Unionism is the one big issue that Australia cannot put behind itself.

The USA has trouble getting beyond the slavery issue, even though the UK (The center of that movement) has moved on sometime ago.China has trouble getting beyond the "Japan" issue, yet France has moved well beyond the "German" issue.

Regardless of where you stand on this issue, the real problem is that tomorrow will look nothing like today. And is even less likely to look like yesterday.

After bouncing around the globe for a while I have seen some of the nations we are competing with. They are staffed with very smart, extremely hard working professionals who know as much as most people working in similar roles in this country... except they are far cheaper.

Not only are they cheaper, but they are exporting that high quality low cost internationally. The Middle East runs on the back of very competent low cost labor out of the sub continent and the Philippines. So too does Hong Kong and other Asian nations.

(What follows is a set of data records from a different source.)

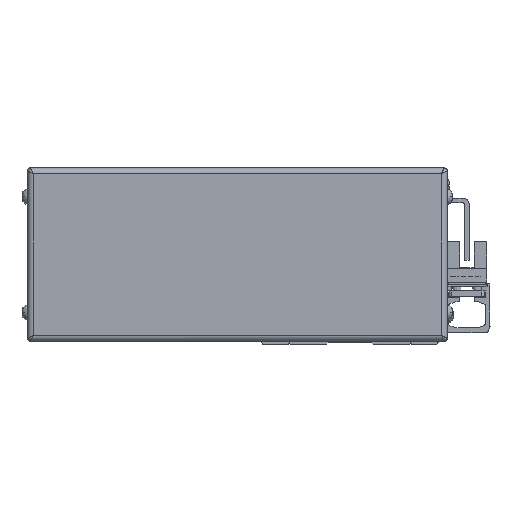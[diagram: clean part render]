
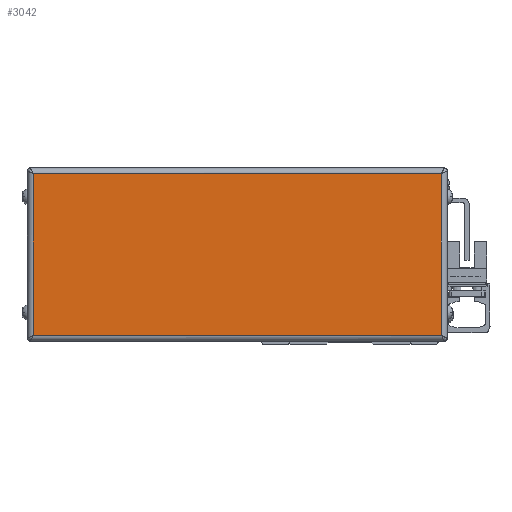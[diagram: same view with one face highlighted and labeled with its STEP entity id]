
A CAD part, left-side view. The second image highlights one B-rep face of the part: STEP entity #3042.
In plain terms, the highlighted planar face has unit normal (-1, 0, 0).
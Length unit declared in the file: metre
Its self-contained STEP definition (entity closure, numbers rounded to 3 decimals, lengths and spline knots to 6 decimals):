
#3042=ADVANCED_FACE('',(#7130),#7131,.T.);
#7130=FACE_OUTER_BOUND('',#13183,.T.);
#7131=PLANE('',#13184);
#13183=EDGE_LOOP('',(#23080,#23081,#23082,#23083));
#13184=AXIS2_PLACEMENT_3D('',#23084,#23085,#23086);
#23080=ORIENTED_EDGE('',*,*,#39000,.T.);
#23081=ORIENTED_EDGE('',*,*,#39001,.T.);
#23082=ORIENTED_EDGE('',*,*,#38993,.T.);
#23083=ORIENTED_EDGE('',*,*,#39002,.T.);
#23084=CARTESIAN_POINT('',(-0.054,0.039,-0.001));
#23085=DIRECTION('',(-1.0,0.0,0.0));
#23086=DIRECTION('',(0.0,0.,1.0));
#38993=EDGE_CURVE('',#45270,#45275,#45277,.T.);
#39000=EDGE_CURVE('',#45288,#45289,#45290,.T.);
#39001=EDGE_CURVE('',#45289,#45270,#45291,.T.);
#39002=EDGE_CURVE('',#45275,#45288,#45292,.T.);
#45270=VERTEX_POINT('',#54590);
#45275=VERTEX_POINT('',#54611);
#45277=LINE('',#54629,#54630);
#45288=VERTEX_POINT('',#54644);
#45289=VERTEX_POINT('',#54645);
#45290=LINE('',#54646,#54647);
#45291=LINE('',#54648,#54649);
#45292=LINE('',#54650,#54651);
#54590=CARTESIAN_POINT('',(-0.054,0.1097,-0.029));
#54611=CARTESIAN_POINT('',(-0.054,-0.0317,-0.029));
#54629=CARTESIAN_POINT('',(-0.054,0.039,-0.029));
#54630=VECTOR('',#68090,1.0);
#54644=CARTESIAN_POINT('',(-0.054,-0.0317,0.027));
#54645=CARTESIAN_POINT('',(-0.054,0.1097,0.027));
#54646=CARTESIAN_POINT('',(-0.054,0.039,0.027));
#54647=VECTOR('',#68097,1.0);
#54648=CARTESIAN_POINT('',(-0.054,0.1097,-0.001));
#54649=VECTOR('',#68098,1.0);
#54650=CARTESIAN_POINT('',(-0.054,-0.0317,-0.001));
#54651=VECTOR('',#68099,1.0);
#68090=DIRECTION('',(0.0,-1.0,0.));
#68097=DIRECTION('',(0.0,1.0,0.));
#68098=DIRECTION('',(0.0,0.,-1.0));
#68099=DIRECTION('',(0.0,0.,1.0));

When we were fortress Australia we could implement extraordinary measures to make it harder to fire someone, we could live with rolling industrial unrest and we could afford to pay workers a living and decent wage.

Today... we just cannot.

If it cannot be done reliably for low cost then it will get done elsewhere. That is what happened when our manufacturing sector moved off shore and it is behind the transfer of white and blue collar jobs to the sub continent and outsource hubs.

The result? Work that used to support a lower middle class lifestyle now supports either a hand to mouth existence or even slave like conditions. And there is very little to no political will anywhere in the world to change this... no where.

All this misses the most important point.

We shouldn't be trying to protect workers in industries like these.

We need to be wondering why we are still in industries like these and how we can get out of them as quickly as possible.